A man so drunk he couldn't remember if he had passengers in his car caused Alaska State Troopers to prepare for the worst when responding to his wreck on the Seward Highway early Sunday morning.
According to Sgt. Mark Riddling, Paul Fisher, 19, of Anchorage, drove his 1990 Acura off the highway and into Sixmile Creek near Mile 59 of the Seward Highway. Troopers got a call at 5:26 a.m. reporting a man dripping wet and standing in the middle of the highway.
"Troopers went out there and the guy's wet, cold and very intoxicated," Riddling said.
The vehicle was nearly totally submerged. Fisher had swam free of the car and was not injured, but couldn't tell troopers if anyone else was involved in the crash.
"He was so drunk he didn't know if he had anybody in the car with him," Riddling said.

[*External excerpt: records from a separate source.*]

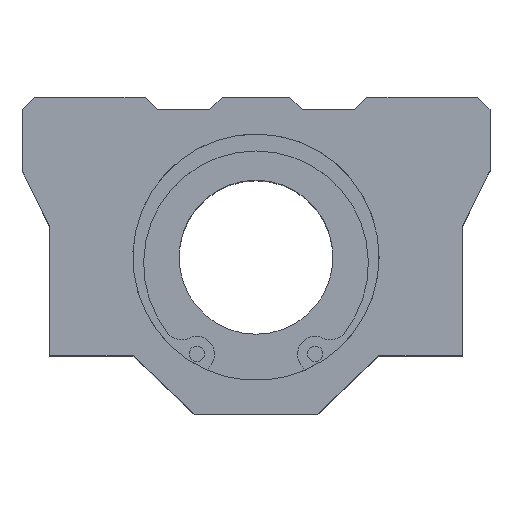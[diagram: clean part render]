
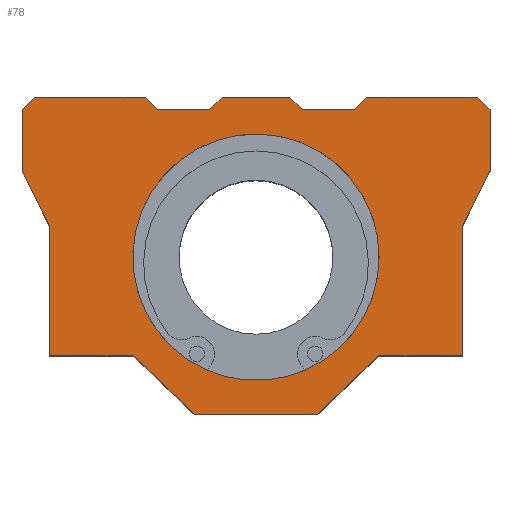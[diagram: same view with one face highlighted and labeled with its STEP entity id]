
A CAD part, top view. The second image highlights one B-rep face of the part: STEP entity #78.
In plain terms, the highlighted planar face has unit normal (0, 0, 1).
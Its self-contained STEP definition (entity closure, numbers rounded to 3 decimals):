
#78=ADVANCED_FACE('',(#150,#151),#152,.T.);
#150=FACE_OUTER_BOUND('',#311,.T.);
#151=FACE_BOUND('',#312,.T.);
#152=PLANE('',#313);
#311=EDGE_LOOP('',(#508,#509,#510,#511,#512,#513,#514,#515,#516,#517,#518,#519,#520,#521,#522,#523,#524,#525,#526,#527,#528,#529));
#312=EDGE_LOOP('',(#530));
#313=AXIS2_PLACEMENT_3D('',#531,#532,#533);
#508=ORIENTED_EDGE('',*,*,#993,.T.);
#509=ORIENTED_EDGE('',*,*,#994,.T.);
#510=ORIENTED_EDGE('',*,*,#995,.T.);
#511=ORIENTED_EDGE('',*,*,#996,.T.);
#512=ORIENTED_EDGE('',*,*,#997,.T.);
#513=ORIENTED_EDGE('',*,*,#998,.T.);
#514=ORIENTED_EDGE('',*,*,#999,.T.);
#515=ORIENTED_EDGE('',*,*,#1000,.T.);
#516=ORIENTED_EDGE('',*,*,#1001,.T.);
#517=ORIENTED_EDGE('',*,*,#1002,.T.);
#518=ORIENTED_EDGE('',*,*,#1003,.T.);
#519=ORIENTED_EDGE('',*,*,#1004,.T.);
#520=ORIENTED_EDGE('',*,*,#1005,.T.);
#521=ORIENTED_EDGE('',*,*,#1006,.T.);
#522=ORIENTED_EDGE('',*,*,#1007,.T.);
#523=ORIENTED_EDGE('',*,*,#1008,.T.);
#524=ORIENTED_EDGE('',*,*,#1009,.T.);
#525=ORIENTED_EDGE('',*,*,#1010,.T.);
#526=ORIENTED_EDGE('',*,*,#1011,.T.);
#527=ORIENTED_EDGE('',*,*,#1012,.T.);
#528=ORIENTED_EDGE('',*,*,#1013,.T.);
#529=ORIENTED_EDGE('',*,*,#1014,.T.);
#530=ORIENTED_EDGE('',*,*,#1015,.T.);
#531=CARTESIAN_POINT('',(-27.0,35.0,33.5));
#532=DIRECTION('',(0.0,-0.0,1.0));
#533=DIRECTION('',(0.0,1.0,0.0));
#993=EDGE_CURVE('',#1178,#1179,#1180,.T.);
#994=EDGE_CURVE('',#1179,#1181,#1182,.T.);
#995=EDGE_CURVE('',#1181,#1183,#1184,.T.);
#996=EDGE_CURVE('',#1183,#1185,#1186,.T.);
#997=EDGE_CURVE('',#1185,#1187,#1188,.T.);
#998=EDGE_CURVE('',#1187,#1189,#1190,.T.);
#999=EDGE_CURVE('',#1189,#1191,#1192,.T.);
#1000=EDGE_CURVE('',#1191,#1193,#1194,.T.);
#1001=EDGE_CURVE('',#1193,#1195,#1196,.T.);
#1002=EDGE_CURVE('',#1195,#1197,#1198,.T.);
#1003=EDGE_CURVE('',#1197,#1199,#1200,.T.);
#1004=EDGE_CURVE('',#1199,#1201,#1202,.T.);
#1005=EDGE_CURVE('',#1201,#1203,#1204,.T.);
#1006=EDGE_CURVE('',#1203,#1205,#1206,.T.);
#1007=EDGE_CURVE('',#1205,#1207,#1208,.T.);
#1008=EDGE_CURVE('',#1207,#1209,#1210,.T.);
#1009=EDGE_CURVE('',#1209,#1211,#1212,.T.);
#1010=EDGE_CURVE('',#1211,#1213,#1214,.T.);
#1011=EDGE_CURVE('',#1213,#1215,#1216,.T.);
#1012=EDGE_CURVE('',#1215,#1217,#1218,.T.);
#1013=EDGE_CURVE('',#1217,#1219,#1220,.T.);
#1014=EDGE_CURVE('',#1219,#1178,#1221,.T.);
#1015=EDGE_CURVE('',#1222,#1222,#1223,.F.);
#1178=VERTEX_POINT('',#1460);
#1179=VERTEX_POINT('',#1461);
#1180=LINE('',#1462,#1463);
#1181=VERTEX_POINT('',#1464);
#1182=LINE('',#1465,#1466);
#1183=VERTEX_POINT('',#1467);
#1184=LINE('',#1468,#1469);
#1185=VERTEX_POINT('',#1470);
#1186=LINE('',#1471,#1472);
#1187=VERTEX_POINT('',#1473);
#1188=LINE('',#1474,#1475);
#1189=VERTEX_POINT('',#1476);
#1190=LINE('',#1477,#1478);
#1191=VERTEX_POINT('',#1479);
#1192=LINE('',#1480,#1481);
#1193=VERTEX_POINT('',#1482);
#1194=LINE('',#1483,#1484);
#1195=VERTEX_POINT('',#1485);
#1196=LINE('',#1486,#1487);
#1197=VERTEX_POINT('',#1488);
#1198=LINE('',#1489,#1490);
#1199=VERTEX_POINT('',#1491);
#1200=LINE('',#1492,#1493);
#1201=VERTEX_POINT('',#1494);
#1202=LINE('',#1495,#1496);
#1203=VERTEX_POINT('',#1497);
#1204=LINE('',#1498,#1499);
#1205=VERTEX_POINT('',#1500);
#1206=LINE('',#1501,#1502);
#1207=VERTEX_POINT('',#1503);
#1208=LINE('',#1504,#1505);
#1209=VERTEX_POINT('',#1506);
#1210=LINE('',#1507,#1508);
#1211=VERTEX_POINT('',#1509);
#1212=LINE('',#1510,#1511);
#1213=VERTEX_POINT('',#1512);
#1214=LINE('',#1513,#1514);
#1215=VERTEX_POINT('',#1515);
#1216=LINE('',#1516,#1517);
#1217=VERTEX_POINT('',#1518);
#1218=LINE('',#1519,#1520);
#1219=VERTEX_POINT('',#1521);
#1220=LINE('',#1522,#1523);
#1221=LINE('',#1524,#1525);
#1222=VERTEX_POINT('',#1526);
#1223=CIRCLE('',#1527,20.0);
#1460=CARTESIAN_POINT('',(-16.0,24.0,33.5));
#1461=CARTESIAN_POINT('',(-18.0,26.0,33.5));
#1462=CARTESIAN_POINT('',(-16.0,24.0,33.5));
#1463=VECTOR('',#1775,1.0);
#1464=CARTESIAN_POINT('',(-36.0,26.0,33.5));
#1465=CARTESIAN_POINT('',(-18.0,26.0,33.5));
#1466=VECTOR('',#1776,1.0);
#1467=CARTESIAN_POINT('',(-38.0,24.0,33.5));
#1468=CARTESIAN_POINT('',(-36.0,26.0,33.5));
#1469=VECTOR('',#1777,1.0);
#1470=CARTESIAN_POINT('',(-38.0,14.0,33.5));
#1471=CARTESIAN_POINT('',(-38.0,24.0,33.5));
#1472=VECTOR('',#1778,1.0);
#1473=CARTESIAN_POINT('',(-33.5,5.0,33.5));
#1474=CARTESIAN_POINT('',(-38.0,14.0,33.5));
#1475=VECTOR('',#1779,1.0);
#1476=CARTESIAN_POINT('',(-33.5,-16.0,33.5));
#1477=CARTESIAN_POINT('',(-33.5,5.0,33.5));
#1478=VECTOR('',#1780,1.0);
#1479=CARTESIAN_POINT('',(-19.952,-16.0,33.5));
#1480=CARTESIAN_POINT('',(-33.5,-16.0,33.5));
#1481=VECTOR('',#1781,1.0);
#1482=CARTESIAN_POINT('',(-10.0,-25.5,33.5));
#1483=CARTESIAN_POINT('',(-19.952,-16.0,33.5));
#1484=VECTOR('',#1782,1.0);
#1485=CARTESIAN_POINT('',(10.0,-25.5,33.5));
#1486=CARTESIAN_POINT('',(-10.0,-25.5,33.5));
#1487=VECTOR('',#1783,1.0);
#1488=CARTESIAN_POINT('',(19.952,-16.0,33.5));
#1489=CARTESIAN_POINT('',(10.0,-25.5,33.5));
#1490=VECTOR('',#1784,1.0);
#1491=CARTESIAN_POINT('',(33.5,-16.0,33.5));
#1492=CARTESIAN_POINT('',(19.952,-16.0,33.5));
#1493=VECTOR('',#1785,1.0);
#1494=CARTESIAN_POINT('',(33.5,5.0,33.5));
#1495=CARTESIAN_POINT('',(33.5,-16.0,33.5));
#1496=VECTOR('',#1786,1.0);
#1497=CARTESIAN_POINT('',(38.0,14.0,33.5));
#1498=CARTESIAN_POINT('',(33.5,5.0,33.5));
#1499=VECTOR('',#1787,1.0);
#1500=CARTESIAN_POINT('',(38.0,24.0,33.5));
#1501=CARTESIAN_POINT('',(38.0,14.0,33.5));
#1502=VECTOR('',#1788,1.0);
#1503=CARTESIAN_POINT('',(36.0,26.0,33.5));
#1504=CARTESIAN_POINT('',(38.0,24.0,33.5));
#1505=VECTOR('',#1789,1.0);
#1506=CARTESIAN_POINT('',(18.0,26.0,33.5));
#1507=CARTESIAN_POINT('',(36.0,26.0,33.5));
#1508=VECTOR('',#1790,1.0);
#1509=CARTESIAN_POINT('',(16.0,24.0,33.5));
#1510=CARTESIAN_POINT('',(18.0,26.0,33.5));
#1511=VECTOR('',#1791,1.0);
#1512=CARTESIAN_POINT('',(7.5,24.0,33.5));
#1513=CARTESIAN_POINT('',(16.0,24.0,33.5));
#1514=VECTOR('',#1792,1.0);
#1515=CARTESIAN_POINT('',(5.5,26.0,33.5));
#1516=CARTESIAN_POINT('',(7.5,24.0,33.5));
#1517=VECTOR('',#1793,1.0);
#1518=CARTESIAN_POINT('',(-5.5,26.0,33.5));
#1519=CARTESIAN_POINT('',(5.5,26.0,33.5));
#1520=VECTOR('',#1794,1.0);
#1521=CARTESIAN_POINT('',(-7.5,24.0,33.5));
#1522=CARTESIAN_POINT('',(-5.5,26.0,33.5));
#1523=VECTOR('',#1795,1.0);
#1524=CARTESIAN_POINT('',(-7.5,24.0,33.5));
#1525=VECTOR('',#1796,1.0);
#1526=CARTESIAN_POINT('',(20.0,0.,33.5));
#1527=AXIS2_PLACEMENT_3D('',#1797,#1798,#1799);
#1775=DIRECTION('',(-0.707,0.707,0.0));
#1776=DIRECTION('',(-1.0,0.0,0.0));
#1777=DIRECTION('',(-0.707,-0.707,0.0));
#1778=DIRECTION('',(0.0,-1.0,0.0));
#1779=DIRECTION('',(0.447,-0.894,0.0));
#1780=DIRECTION('',(0.0,-1.0,0.0));
#1781=DIRECTION('',(1.0,0.0,0.0));
#1782=DIRECTION('',(0.723,-0.69,0.0));
#1783=DIRECTION('',(1.0,0.0,0.0));
#1784=DIRECTION('',(0.723,0.69,0.0));
#1785=DIRECTION('',(1.0,0.0,0.0));
#1786=DIRECTION('',(0.0,1.0,0.0));
#1787=DIRECTION('',(0.447,0.894,0.0));
#1788=DIRECTION('',(0.0,1.0,0.0));
#1789=DIRECTION('',(-0.707,0.707,0.0));
#1790=DIRECTION('',(-1.0,0.0,0.0));
#1791=DIRECTION('',(-0.707,-0.707,0.0));
#1792=DIRECTION('',(-1.0,0.0,0.0));
#1793=DIRECTION('',(-0.707,0.707,0.0));
#1794=DIRECTION('',(-1.0,0.0,0.0));
#1795=DIRECTION('',(-0.707,-0.707,0.0));
#1796=DIRECTION('',(-1.0,0.0,0.0));
#1797=CARTESIAN_POINT('',(0.0,0.0,33.5));
#1798=DIRECTION('',(0.0,0.0,1.0));
#1799=DIRECTION('',(1.0,0.0,0.0));

Troopers were worried that if there was someone else in the car, they were as drunk as Fisher.
"It was certainly a concern," Riddling said of the situation. "If he had a passenger, did a passenger get out if they were in a similar state of intoxication?"
Preparing for the worst, troopers called in a dive team to search for victims but the divers were unable to do so safely in Sixmile's fast-moving water.
The creek is popular with thrill-seeking whitewater rafters for its Class IV and V rapids as it winds through narrow canyons with towering walls and drops over 50 feet per mile in its path out of the Chugach Mountains.
"We wound up getting the dive crew out, but they didn't want to swim because Sixmile Creek is such a fast-moving, dangerous area that to get in there all loaded up with scuba gear can be life-threatening itself."
Instead, a helicopter from Anchorage was brought in to search the length of Sixmile Creek downstream of the wreck.
"A body could get washed a long way in that water," Riddling said.
The helicopter found no signs of anyone in the water and when the car was pulled out with a tow rope around 2 p.m. Sunday, no one was inside.
"We haven't found anybody yet and we hope we don't," Riddling said around 3:15 p.m. Sunday.
Riddling said he thought Fisher was processed at the Girdwood trooper post and taken to jail in Anchorage on a drunk driving charge.
Troopers were still investigating the incident Sunday afternoon, but it appeared that Fisher just drove off the road and no other vehicles were involved.
"It's hard to pay attention when you're double drunk," Riddling said.